If you are only on a fixed term contract and have had that many days off they are looking for someone who will be around to get the work done in the timescale they require. To date (although your standard of work may be being praised) it would appear that you may not be there to get it done in a timely fashion.

I think you are clutching at straws and therefore YABU to try to drag the COO into it merely because his wife also suffers with BPD.

Princecharlesfirstwife Tue 07-Nov-17 15:53:41

If I'd had 14 days off since April I'd be under formal action, whatever my reasons for sickness. I honestly don't see what writing to the COO would achieve.

TheSnowFairy Tue 07-Nov-17 16:01:24

Not including April, you have had 12 working days off since August.

That is the reason you have not been kept on.

Oddmanout Tue 07-Nov-17 16:16:34

Everyone has reasons for being off and a bereavement of a close family member (something which I've been through this year myself, so I'm sorry OP) requires time off end of. The number of days doesn't matter if its proportional to the issue faced.
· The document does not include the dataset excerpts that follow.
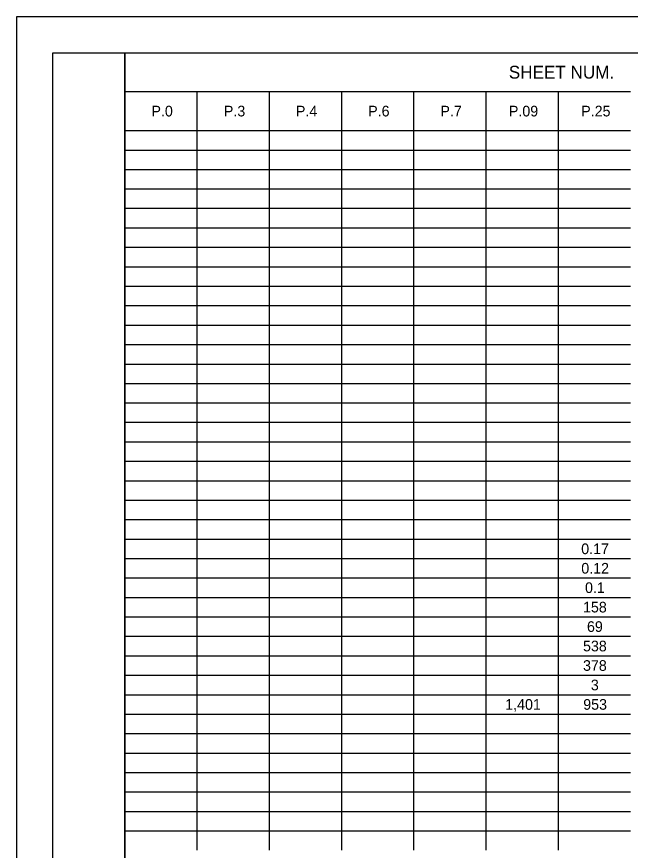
# Model space of a CAD drawing. Extents: x 0 to 34, y 0 to 22.
# Drawn here: x 0 to 8.52, y 10.43 to 22 of the extents above; entities that cross this region are included whole.
import ezdxf

# ---------------------------------------------------------------- set-up
doc = ezdxf.new("R2010")
doc.units = 0
for name, color, linetype in [('SH_Border', 7, 'Continuous'), ('SH_Cut_Line', 7, 'Continuous'), ('SH_Text', 7, 'Continuous')]:
    doc.layers.add(name, color=color, linetype=linetype)

msp = doc.modelspace()

# ---------------------------------------------------------------- linework, layer by layer
at = {"layer": 'SH_Border'}
for points in [[(0.5, 21.5), (1.5, 21.5), (1.5, 0.5), (0.5, 0.5)], [(1.5, 21.5), (33.5, 21.5), (33.5, 0.5), (1.5, 0.5)]]:
    msp.add_lwpolyline(points, close=True, dxfattribs=at)
at = {"layer": 'SH_Cut_Line'}
msp.add_lwpolyline([(0, 0), (34, 0), (34, 22), (0, 22)], close=True, dxfattribs=at)
at = {"layer": 'SH_Text'}
for p, q in [((1.5, 21.5), (2.503, 21.5)), ((1.5, 21.5), (1.5, 21.23)), ((2.503, 21.5), (3.505, 21.5)), ((3.505, 21.5), (4.508, 21.5)), ((4.508, 21.5), (5.51, 21.5)), ((5.51, 21.5), (6.513, 21.5)), ((6.513, 21.5), (7.515, 21.5)), ((7.515, 21.5), (8.518, 21.5)), ((1.5, 21.23), (1.5, 20.96)), ((1.5, 20.96), (2.503, 20.96)), ((1.5, 20.96), (1.5, 20.69)), ((2.503, 20.96), (3.505, 20.96)), ((2.503, 20.96), (2.503, 20.69)), ((3.505, 20.96), (4.508, 20.96)), ((3.505, 20.96), (3.505, 20.69)), ((4.508, 20.96), (5.51, 20.96)), ((4.508, 20.96), (4.508, 20.69)), ((5.51, 20.96), (6.513, 20.96)), ((5.51, 20.96), (5.51, 20.69)), ((6.513, 20.96), (7.515, 20.96)), ((6.513, 20.96), (6.513, 20.69)), ((7.515, 20.96), (8.518, 20.96)), ((7.515, 20.96), (7.515, 20.69)), ((1.5, 20.69), (1.5, 20.42)), ((2.503, 20.69), (2.503, 20.42)), ((3.505, 20.69), (3.505, 20.42)), ((4.508, 20.69), (4.508, 20.42)), ((5.51, 20.69), (5.51, 20.42)), ((6.513, 20.69), (6.513, 20.42)), ((7.515, 20.69), (7.515, 20.42)), ((1.5, 20.42), (2.503, 20.42)), ((1.5, 20.42), (1.5, 20.15)), ((2.503, 20.42), (3.505, 20.42)), ((2.503, 20.42), (2.503, 20.15)), ((3.505, 20.42), (4.508, 20.42)), ((3.505, 20.42), (3.505, 20.15)), ((4.508, 20.42), (5.51, 20.42)), ((4.508, 20.42), (4.508, 20.15)), ((5.51, 20.42), (6.513, 20.42)), ((5.51, 20.42), (5.51, 20.15)), ((6.513, 20.42), (7.515, 20.42)), ((6.513, 20.42), (6.513, 20.15)), ((7.515, 20.42), (8.518, 20.42)), ((7.515, 20.42), (7.515, 20.15)), ((1.5, 20.15), (2.503, 20.15)), ((1.5, 20.15), (1.5, 18.801)), ((2.503, 20.15), (3.505, 20.15)), ((2.503, 20.15), (2.503, 18.801)), ((3.505, 20.15), (4.508, 20.15)), ((3.505, 20.15), (3.505, 18.801)), ((4.508, 20.15), (5.51, 20.15)), ((4.508, 20.15), (4.508, 18.801)), ((5.51, 20.15), (6.513, 20.15)), ((5.51, 20.15), (5.51, 18.801)), ((6.513, 20.15), (7.515, 20.15)), ((6.513, 20.15), (6.513, 18.801)), ((7.515, 20.15), (8.518, 20.15)), ((7.515, 20.15), (7.515, 18.801)), ((1.5, 19.881), (2.503, 19.881)), ((2.503, 19.881), (3.505, 19.881)), ((3.505, 19.881), (4.508, 19.881)), ((4.508, 19.881), (5.51, 19.881)), ((5.51, 19.881), (6.513, 19.881)), ((6.513, 19.881), (7.515, 19.881)), ((7.515, 19.881), (8.518, 19.881)), ((1.5, 19.611), (2.503, 19.611)), ((2.503, 19.611), (3.505, 19.611)), ((3.505, 19.611), (4.508, 19.611)), ((4.508, 19.611), (5.51, 19.611)), ((5.51, 19.611), (6.513, 19.611)), ((6.513, 19.611), (7.515, 19.611)), ((7.515, 19.611), (8.518, 19.611)), ((1.5, 19.341), (2.503, 19.341)), ((2.503, 19.341), (3.505, 19.341)), ((3.505, 19.341), (4.508, 19.341)), ((4.508, 19.341), (5.51, 19.341)), ((5.51, 19.341), (6.513, 19.341)), ((6.513, 19.341), (7.515, 19.341)), ((7.515, 19.341), (8.518, 19.341)), ((1.5, 19.071), (2.503, 19.071)), ((2.503, 19.071), (3.505, 19.071)), ((3.505, 19.071), (4.508, 19.071)), ((4.508, 19.071), (5.51, 19.071)), ((5.51, 19.071), (6.513, 19.071)), ((6.513, 19.071), (7.515, 19.071)), ((7.515, 19.071), (8.518, 19.071)), ((1.5, 18.801), (2.503, 18.801)), ((1.5, 18.801), (1.5, 18.261)), ((2.503, 18.801), (3.505, 18.801)), ((2.503, 18.801), (2.503, 18.261)), ((3.505, 18.801), (4.508, 18.801)), ((3.505, 18.801), (3.505, 18.261)), ((4.508, 18.801), (5.51, 18.801)), ((4.508, 18.801), (4.508, 18.261)), ((5.51, 18.801), (6.513, 18.801)), ((5.51, 18.801), (5.51, 18.261)), ((6.513, 18.801), (7.515, 18.801)), ((6.513, 18.801), (6.513, 18.261)), ((7.515, 18.801), (8.518, 18.801)), ((7.515, 18.801), (7.515, 18.261)), ((1.5, 18.531), (2.503, 18.531)), ((2.503, 18.531), (3.505, 18.531)), ((3.505, 18.531), (4.508, 18.531)), ((4.508, 18.531), (5.51, 18.531)), ((5.51, 18.531), (6.513, 18.531)), ((6.513, 18.531), (7.515, 18.531)), ((7.515, 18.531), (8.518, 18.531)), ((1.5, 18.261), (2.503, 18.261)), ((1.5, 18.261), (1.5, 17.991)), ((2.503, 18.261), (3.505, 18.261)), ((2.503, 18.261), (2.503, 17.991)), ((3.505, 18.261), (4.508, 18.261)), ((3.505, 18.261), (3.505, 17.991)), ((4.508, 18.261), (5.51, 18.261)), ((4.508, 18.261), (4.508, 17.991)), ((5.51, 18.261), (6.513, 18.261)), ((5.51, 18.261), (5.51, 17.991)), ((6.513, 18.261), (7.515, 18.261)), ((6.513, 18.261), (6.513, 17.991)), ((7.515, 18.261), (8.518, 18.261)), ((7.515, 18.261), (7.515, 17.991)), ((1.5, 17.991), (2.503, 17.991)), ((1.5, 17.991), (1.5, 17.721)), ((2.503, 17.991), (3.505, 17.991)), ((2.503, 17.991), (2.503, 17.721)), ((3.505, 17.991), (4.508, 17.991)), ((3.505, 17.991), (3.505, 17.721)), ((4.508, 17.991), (5.51, 17.991)), ((4.508, 17.991), (4.508, 17.721)), ((5.51, 17.991), (6.513, 17.991)), ((5.51, 17.991), (5.51, 17.721)), ((6.513, 17.991), (7.515, 17.991)), ((6.513, 17.991), (6.513, 17.721)), ((7.515, 17.991), (8.518, 17.991)), ((7.515, 17.991), (7.515, 17.721)), ((1.5, 17.721), (2.503, 17.721)), ((1.5, 17.721), (1.5, 17.451)), ((2.503, 17.721), (3.505, 17.721)), ((2.503, 17.721), (2.503, 17.451)), ((3.505, 17.721), (4.508, 17.721)), ((3.505, 17.721), (3.505, 17.451)), ((4.508, 17.721), (5.51, 17.721)), ((4.508, 17.721), (4.508, 17.451)), ((5.51, 17.721), (6.513, 17.721)), ((5.51, 17.721), (5.51, 17.451)), ((6.513, 17.721), (7.515, 17.721)), ((6.513, 17.721), (6.513, 17.451)), ((7.515, 17.721), (8.518, 17.721)), ((7.515, 17.721), (7.515, 17.451)), ((1.5, 17.451), (2.503, 17.451)), ((1.5, 17.451), (1.5, 17.181)), ((2.503, 17.451), (3.505, 17.451)), ((2.503, 17.451), (2.503, 17.181)), ((3.505, 17.451), (4.508, 17.451)), ((3.505, 17.451), (3.505, 17.181)), ((4.508, 17.451), (5.51, 17.451)), ((4.508, 17.451), (4.508, 17.181)), ((5.51, 17.451), (6.513, 17.451)), ((5.51, 17.451), (5.51, 17.181)), ((6.513, 17.451), (7.515, 17.451)), ((6.513, 17.451), (6.513, 17.181)), ((7.515, 17.451), (8.518, 17.451)), ((7.515, 17.451), (7.515, 17.181)), ((1.5, 17.181), (2.503, 17.181)), ((1.5, 17.181), (1.5, 16.912)), ((2.503, 17.181), (3.505, 17.181)), ((2.503, 17.181), (2.503, 16.912)), ((3.505, 17.181), (4.508, 17.181)), ((3.505, 17.181), (3.505, 16.912)), ((4.508, 17.181), (5.51, 17.181)), ((4.508, 17.181), (4.508, 16.912)), ((5.51, 17.181), (6.513, 17.181)), ((5.51, 17.181), (5.51, 16.912)), ((6.513, 17.181), (7.515, 17.181)), ((6.513, 17.181), (6.513, 16.912)), ((7.515, 17.181), (8.518, 17.181)), ((7.515, 17.181), (7.515, 16.912)), ((1.5, 16.912), (2.503, 16.912)), ((1.5, 16.912), (1.5, 16.372)), ((2.503, 16.912), (3.505, 16.912)), ((2.503, 16.912), (2.503, 16.372)), ((3.505, 16.912), (4.508, 16.912)), ((3.505, 16.912), (3.505, 16.372)), ((4.508, 16.912), (5.51, 16.912)), ((4.508, 16.912), (4.508, 16.372)), ((5.51, 16.912), (6.513, 16.912)), ((5.51, 16.912), (5.51, 16.372)), ((6.513, 16.912), (7.515, 16.912)), ((6.513, 16.912), (6.513, 16.372)), ((7.515, 16.912), (8.518, 16.912)), ((7.515, 16.912), (7.515, 16.372)), ((1.5, 16.642), (2.503, 16.642)), ((2.503, 16.642), (3.505, 16.642)), ((3.505, 16.642), (4.508, 16.642)), ((4.508, 16.642), (5.51, 16.642)), ((5.51, 16.642), (6.513, 16.642)), ((6.513, 16.642), (7.515, 16.642)), ((7.515, 16.642), (8.518, 16.642)), ((1.5, 16.372), (2.503, 16.372)), ((1.5, 16.372), (1.5, 16.102)), ((2.503, 16.372), (3.505, 16.372)), ((2.503, 16.372), (2.503, 16.102)), ((3.505, 16.372), (4.508, 16.372)), ((3.505, 16.372), (3.505, 16.102)), ((4.508, 16.372), (5.51, 16.372)), ((4.508, 16.372), (4.508, 16.102)), ((5.51, 16.372), (6.513, 16.372)), ((5.51, 16.372), (5.51, 16.102)), ((6.513, 16.372), (7.515, 16.372)), ((6.513, 16.372), (6.513, 16.102)), ((7.515, 16.372), (8.518, 16.372)), ((7.515, 16.372), (7.515, 16.102)), ((1.5, 16.102), (2.503, 16.102)), ((1.5, 16.102), (1.5, 15.832)), ((2.503, 16.102), (3.505, 16.102)), ((2.503, 16.102), (2.503, 15.832)), ((3.505, 16.102), (4.508, 16.102)), ((3.505, 16.102), (3.505, 15.832)), ((4.508, 16.102), (5.51, 16.102)), ((4.508, 16.102), (4.508, 15.832)), ((5.51, 16.102), (6.513, 16.102)), ((5.51, 16.102), (5.51, 15.832)), ((6.513, 16.102), (7.515, 16.102)), ((6.513, 16.102), (6.513, 15.832)), ((7.515, 16.102), (8.518, 16.102)), ((7.515, 16.102), (7.515, 15.832)), ((1.5, 15.832), (2.503, 15.832)), ((1.5, 15.832), (1.5, 15.562)), ((2.503, 15.832), (3.505, 15.832)), ((2.503, 15.832), (2.503, 15.562)), ((3.505, 15.832), (4.508, 15.832)), ((3.505, 15.832), (3.505, 15.562)), ((4.508, 15.832), (5.51, 15.832)), ((4.508, 15.832), (4.508, 15.562)), ((5.51, 15.832), (6.513, 15.832)), ((5.51, 15.832), (5.51, 15.562)), ((6.513, 15.832), (7.515, 15.832)), ((6.513, 15.832), (6.513, 15.562)), ((7.515, 15.832), (8.518, 15.832)), ((7.515, 15.832), (7.515, 15.562)), ((1.5, 15.562), (2.503, 15.562)), ((1.5, 15.562), (1.5, 15.022)), ((2.503, 15.562), (3.505, 15.562)), ((2.503, 15.562), (2.503, 15.022)), ((3.505, 15.562), (4.508, 15.562)), ((3.505, 15.562), (3.505, 15.022)), ((4.508, 15.562), (5.51, 15.562)), ((4.508, 15.562), (4.508, 15.022)), ((5.51, 15.562), (6.513, 15.562)), ((5.51, 15.562), (5.51, 15.022)), ((6.513, 15.562), (7.515, 15.562)), ((6.513, 15.562), (6.513, 15.022)), ((7.515, 15.562), (8.518, 15.562)), ((7.515, 15.562), (7.515, 15.022)), ((1.5, 15.292), (2.503, 15.292)), ((2.503, 15.292), (3.505, 15.292)), ((3.505, 15.292), (4.508, 15.292)), ((4.508, 15.292), (5.51, 15.292)), ((5.51, 15.292), (6.513, 15.292)), ((6.513, 15.292), (7.515, 15.292)), ((7.515, 15.292), (8.518, 15.292)), ((1.5, 15.022), (2.503, 15.022)), ((1.5, 15.022), (1.5, 14.752)), ((2.503, 15.022), (3.505, 15.022)), ((2.503, 15.022), (2.503, 14.752)), ((3.505, 15.022), (4.508, 15.022)), ((3.505, 15.022), (3.505, 14.752)), ((4.508, 15.022), (5.51, 15.022)), ((4.508, 15.022), (4.508, 14.752)), ((5.51, 15.022), (6.513, 15.022)), ((5.51, 15.022), (5.51, 14.752)), ((6.513, 15.022), (7.515, 15.022)), ((6.513, 15.022), (6.513, 14.752)), ((7.515, 15.022), (8.518, 15.022)), ((7.515, 15.022), (7.515, 14.752)), ((1.5, 14.752), (2.503, 14.752)), ((1.5, 14.752), (1.5, 14.482)), ((2.503, 14.752), (3.505, 14.752)), ((2.503, 14.752), (2.503, 14.482)), ((3.505, 14.752), (4.508, 14.752)), ((3.505, 14.752), (3.505, 14.482)), ((4.508, 14.752), (5.51, 14.752)), ((4.508, 14.752), (4.508, 14.482)), ((5.51, 14.752), (6.513, 14.752)), ((5.51, 14.752), (5.51, 14.482)), ((6.513, 14.752), (7.515, 14.752)), ((6.513, 14.752), (6.513, 14.482)), ((7.515, 14.752), (8.518, 14.752)), ((7.515, 14.752), (7.515, 14.482)), ((1.5, 14.482), (2.503, 14.482)), ((1.5, 14.482), (1.5, 14.212)), ((2.503, 14.482), (3.505, 14.482)), ((2.503, 14.482), (2.503, 14.212)), ((3.505, 14.482), (4.508, 14.482)), ((3.505, 14.482), (3.505, 14.212)), ((4.508, 14.482), (5.51, 14.482)), ((4.508, 14.482), (4.508, 14.212)), ((5.51, 14.482), (6.513, 14.482)), ((5.51, 14.482), (5.51, 14.212)), ((6.513, 14.482), (7.515, 14.482)), ((6.513, 14.482), (6.513, 14.212)), ((7.515, 14.482), (8.518, 14.482)), ((7.515, 14.482), (7.515, 14.212)), ((1.5, 14.212), (2.503, 14.212)), ((1.5, 14.212), (1.5, 12.053)), ((2.503, 14.212), (3.505, 14.212)), ((2.503, 14.212), (2.503, 12.053)), ((3.505, 14.212), (4.508, 14.212)), ((3.505, 14.212), (3.505, 12.053)), ((4.508, 14.212), (5.51, 14.212)), ((4.508, 14.212), (4.508, 12.053)), ((5.51, 14.212), (6.513, 14.212)), ((5.51, 14.212), (5.51, 12.053)), ((6.513, 14.212), (7.515, 14.212)), ((6.513, 14.212), (6.513, 12.053)), ((7.515, 14.212), (8.518, 14.212)), ((7.515, 14.212), (7.515, 12.053)), ((1.5, 13.942), (2.503, 13.942)), ((2.503, 13.942), (3.505, 13.942)), ((3.505, 13.942), (4.508, 13.942)), ((4.508, 13.942), (5.51, 13.942)), ((5.51, 13.942), (6.513, 13.942)), ((6.513, 13.942), (7.515, 13.942)), ((7.515, 13.942), (8.518, 13.942)), ((1.5, 13.673), (2.503, 13.673)), ((2.503, 13.673), (3.505, 13.673)), ((3.505, 13.673), (4.508, 13.673)), ((4.508, 13.673), (5.51, 13.673)), ((5.51, 13.673), (6.513, 13.673)), ((6.513, 13.673), (7.515, 13.673)), ((7.515, 13.673), (8.518, 13.673)), ((1.5, 13.403), (2.503, 13.403)), ((2.503, 13.403), (3.505, 13.403)), ((3.505, 13.403), (4.508, 13.403)), ((4.508, 13.403), (5.51, 13.403)), ((5.51, 13.403), (6.513, 13.403)), ((6.513, 13.403), (7.515, 13.403)), ((7.515, 13.403), (8.518, 13.403)), ((1.5, 13.133), (2.503, 13.133)), ((2.503, 13.133), (3.505, 13.133)), ((3.505, 13.133), (4.508, 13.133)), ((4.508, 13.133), (5.51, 13.133)), ((5.51, 13.133), (6.513, 13.133)), ((6.513, 13.133), (7.515, 13.133)), ((7.515, 13.133), (8.518, 13.133)), ((1.5, 12.863), (2.503, 12.863)), ((2.503, 12.863), (3.505, 12.863)), ((3.505, 12.863), (4.508, 12.863)), ((4.508, 12.863), (5.51, 12.863)), ((5.51, 12.863), (6.513, 12.863)), ((6.513, 12.863), (7.515, 12.863)), ((7.515, 12.863), (8.518, 12.863)), ((1.5, 12.593), (2.503, 12.593)), ((2.503, 12.593), (3.505, 12.593)), ((3.505, 12.593), (4.508, 12.593)), ((4.508, 12.593), (5.51, 12.593)), ((5.51, 12.593), (6.513, 12.593)), ((6.513, 12.593), (7.515, 12.593)), ((7.515, 12.593), (8.518, 12.593)), ((1.5, 12.323), (2.503, 12.323)), ((2.503, 12.323), (3.505, 12.323)), ((3.505, 12.323), (4.508, 12.323)), ((4.508, 12.323), (5.51, 12.323)), ((5.51, 12.323), (6.513, 12.323)), ((6.513, 12.323), (7.515, 12.323)), ((7.515, 12.323), (8.518, 12.323)), ((1.5, 12.053), (2.503, 12.053)), ((1.5, 12.053), (1.5, 11.783)), ((2.503, 12.053), (3.505, 12.053)), ((2.503, 12.053), (2.503, 11.783)), ((3.505, 12.053), (4.508, 12.053)), ((3.505, 12.053), (3.505, 11.783)), ((4.508, 12.053), (5.51, 12.053)), ((4.508, 12.053), (4.508, 11.783)), ((5.51, 12.053), (6.513, 12.053)), ((5.51, 12.053), (5.51, 11.783)), ((6.513, 12.053), (7.515, 12.053)), ((6.513, 12.053), (6.513, 11.783)), ((7.515, 12.053), (8.518, 12.053)), ((7.515, 12.053), (7.515, 11.783)), ((1.5, 11.783), (2.503, 11.783)), ((1.5, 11.783), (1.5, 10.704)), ((2.503, 11.783), (3.505, 11.783)), ((2.503, 11.783), (2.503, 10.704)), ((3.505, 11.783), (4.508, 11.783)), ((3.505, 11.783), (3.505, 10.704)), ((4.508, 11.783), (5.51, 11.783)), ((4.508, 11.783), (4.508, 10.704)), ((5.51, 11.783), (6.513, 11.783)), ((5.51, 11.783), (5.51, 10.704)), ((6.513, 11.783), (7.515, 11.783)), ((6.513, 11.783), (6.513, 10.704)), ((7.515, 11.783), (8.518, 11.783)), ((7.515, 11.783), (7.515, 10.704)), ((1.5, 11.513), (2.503, 11.513)), ((2.503, 11.513), (3.505, 11.513)), ((3.505, 11.513), (4.508, 11.513)), ((4.508, 11.513), (5.51, 11.513)), ((5.51, 11.513), (6.513, 11.513)), ((6.513, 11.513), (7.515, 11.513)), ((7.515, 11.513), (8.518, 11.513)), ((1.5, 11.243), (2.503, 11.243)), ((2.503, 11.243), (3.505, 11.243)), ((3.505, 11.243), (4.508, 11.243)), ((4.508, 11.243), (5.51, 11.243)), ((5.51, 11.243), (6.513, 11.243)), ((6.513, 11.243), (7.515, 11.243)), ((7.515, 11.243), (8.518, 11.243)), ((1.5, 10.973), (2.503, 10.973)), ((2.503, 10.973), (3.505, 10.973)), ((3.505, 10.973), (4.508, 10.973)), ((4.508, 10.973), (5.51, 10.973)), ((5.51, 10.973), (6.513, 10.973)), ((6.513, 10.973), (7.515, 10.973)), ((7.515, 10.973), (8.518, 10.973)), ((1.5, 10.704), (2.503, 10.704)), ((1.5, 10.704), (1.5, 10.434)), ((2.503, 10.704), (3.505, 10.704)), ((2.503, 10.704), (2.503, 10.434)), ((3.505, 10.704), (4.508, 10.704)), ((3.505, 10.704), (3.505, 10.434)), ((4.508, 10.704), (5.51, 10.704)), ((4.508, 10.704), (4.508, 10.434)), ((5.51, 10.704), (6.513, 10.704)), ((5.51, 10.704), (5.51, 10.434)), ((6.513, 10.704), (7.515, 10.704)), ((6.513, 10.704), (6.513, 10.434)), ((7.515, 10.704), (8.518, 10.704)), ((7.515, 10.704), (7.515, 10.434))]:
    msp.add_line(p, q, dxfattribs=at)

# ---------------------------------------------------------------- texts
for s, height, p in [('SHEET NUM.', 0.1774, (6.831, 21.141)), ('P.0', 0.1478, (1.871, 20.616)), ('P.3', 0.1478, (2.876, 20.616)), ('P.4', 0.1478, (3.876, 20.616)), ('P.6', 0.1478, (4.879, 20.616)), ('P.7', 0.1478, (5.882, 20.616)), ('P.09', 0.1478, (6.832, 20.616)), ('P.25', 0.1478, (7.836, 20.616)), ('0.17', 0.1478, (7.836, 14.543)), ('0.12', 0.1478, (7.837, 14.273)), ('0.1', 0.1478, (7.889, 14.004)), ('158', 0.1478, (7.861, 13.734)), ('69', 0.1478, (7.916, 13.464)), ('538', 0.1478, (7.861, 13.194)), ('378', 0.1478, (7.861, 12.924)), ('3', 0.148, (7.97, 12.654)), ('1,401', 0.1478, (6.781, 12.384)), ('953', 0.1478, (7.864, 12.384))]:
    msp.add_text(s, height=height, dxfattribs=at).set_placement(p)

doc.saveas('drawing.dxf')

Iamnotmydisability Thu 09-Nov-17 17:12:40

I'm quite surprised that some posters would take into account the death of a parent and a miscarriage in determining whether someone was 'reliable'.

I only had one father, he can't die again.

I'm not trying to get pregnant so the chances of me having a miscarriage are slim to none now until after the contract would have ended anyway.

DancesWithOtters Thu 09-Nov-17 17:20:01

I don't think YABU. It's shit, and you should send the letter so that it can be investigated whether your BP had anything to do with it.

Mind you, I'm on a permanent contract and 3 periods of absence totalling 14 days would cause you to be monitored at my company. It's shit, but it's not uncommon :-(

MrsSchadenfreude Thu 09-Nov-17 17:20:09

I don't think it necessarily relates to your condition, it is the fact that, as someone else has said, you have had 12 days off since August, which gives doubt as to your reliability.

HildeburgBrown Thu 09-Nov-17 17:29:22

I'm sorry you've had such a shitty year, losing your father and suffering a miscarriage in a short space of time flowers.

I don't know if you can claim discrimination, but I would email to say that you are unhappy with the way they let you go - i.e. without any warning that they were unhappy with the amount of absence. They didn't give you any chance to improve, or any chance to reassure them that this was an unusual occurrence. I think they were unprofessional.

brasty Thu 09-Nov-17 17:32:27

I too think it is a lot of days off.

But I also know that there is a lot of prejudice about mental illness and I would never disclose something like that at work.

brasty Thu 09-Nov-17 17:48:42

By saying a lot of days off, obviously they were all totally justified. But so many places now are so hot on any sick leave at all.
But yes, worth writing a letter.

cheminotte Thu 09-Nov-17 17:52:35

We use the Bradford factor at my work and that many sickness absences would be a problem. But a bereavement would be compassionate leave and a miscarriage is maternity related so doesn't count either. Unfortunately this is where being a contractor is very different to a permanent employee.

smudgedlipstick Thu 09-Nov-17 18:16:38

We are allowed 4 days off before they can start formal disciplinary proceedings so I’m not surprised after 14 days off in less than a year you have been let go, that’s quite a lot of absence. Understandable absence, I feel for you, but from a business point of view that amount of absence is not acceptable

Uptheduffy Thu 09-Nov-17 18:28:16

As an employee only the most recent days off would count as sickness absence - the others are compassionate leave and absence due to pregnancy. So I would be in no bother at all.
I think you have kept both absences to a minimum - I'm sure most people are off around a week for a bereavement like that, and I've had a fortnight for a miscarriage before.